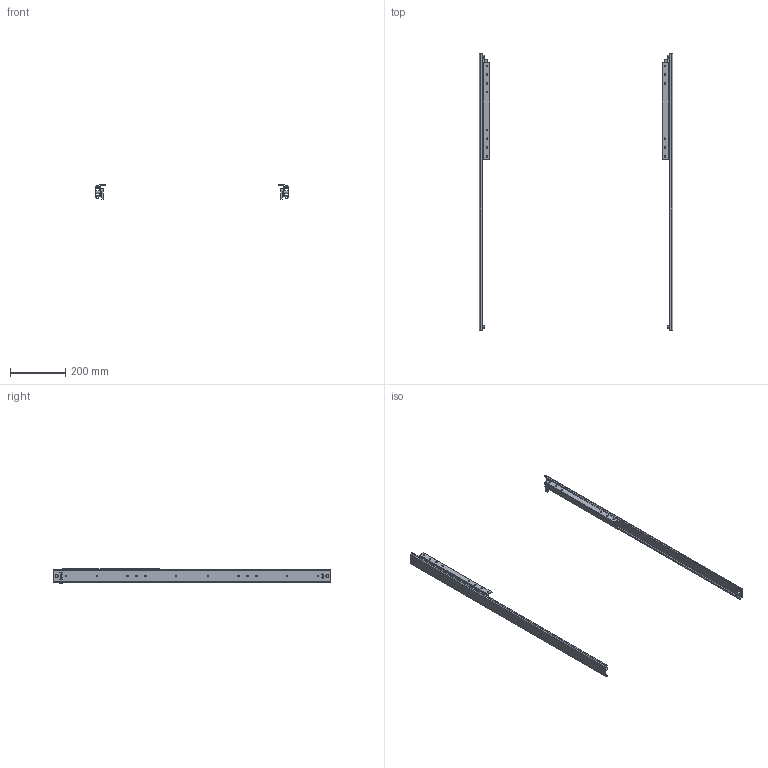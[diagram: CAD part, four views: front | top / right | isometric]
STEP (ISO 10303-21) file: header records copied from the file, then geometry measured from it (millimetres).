
FILE_DESCRIPTION( ( '' ), '1' );
FILE_NAME( 'D:/HETTCAD 2014/DATA TRANSFER/AUTOCAD EXPORT/SENT/Sheet m_6/sent/9131984/9133040.stp', '2014-06-20T06:17:58', ( '' ), ( '' ), ' ', ' ', ' ' );
FILE_SCHEMA( ( 'CONFIG_CONTROL_DESIGN' ) );
Length unit declared in the file: millimetre
Products named in the file (2): 1; 2
Bounding box: 700 x 1000 x 50.88 mm (x, y, z)
Volume: 414846.5 mm3; surface area: 381126.7 mm2
Topology: 2 solids, 2 shells, 208 faces, 592 edges, 392 vertices
Faces by surface type: cylinder 110, plane 98
Entity records: 7112 total; most frequent: DIRECTION 1232, CARTESIAN_POINT 1194, ORIENTED_EDGE 1184, EDGE_CURVE 592, AXIS2_PLACEMENT_3D 430, VERTEX_POINT 392, LINE 372, VECTOR 372

◆ **Your goal**
The response should consist of the entries above, given again exactly and free of pictures.

◆ **Answer below**
[diagram: CAD part, four views: front | top / right | isometric]
STEP (ISO 10303-21) file: header records copied from the file, then geometry measured from it (millimetres).
FILE_DESCRIPTION( ( '' ), '1' );
FILE_NAME( 'D:/HETTCAD 2014/DATA TRANSFER/AUTOCAD EXPORT/SENT/Sheet m_6/sent/9131984/9133040.stp', '2014-06-20T06:17:58', ( '' ), ( '' ), ' ', ' ', ' ' );
FILE_SCHEMA( ( 'CONFIG_CONTROL_DESIGN' ) );
Length unit declared in the file: millimetre
Products named in the file (2): 1; 2
Bounding box: 700 x 1000 x 50.88 mm (x, y, z)
Volume: 414846.5 mm3; surface area: 381126.7 mm2
Topology: 2 solids, 2 shells, 208 faces, 592 edges, 392 vertices
Faces by surface type: cylinder 110, plane 98
Entity records: 7112 total; most frequent: DIRECTION 1232, CARTESIAN_POINT 1194, ORIENTED_EDGE 1184, EDGE_CURVE 592, AXIS2_PLACEMENT_3D 430, VERTEX_POINT 392, LINE 372, VECTOR 372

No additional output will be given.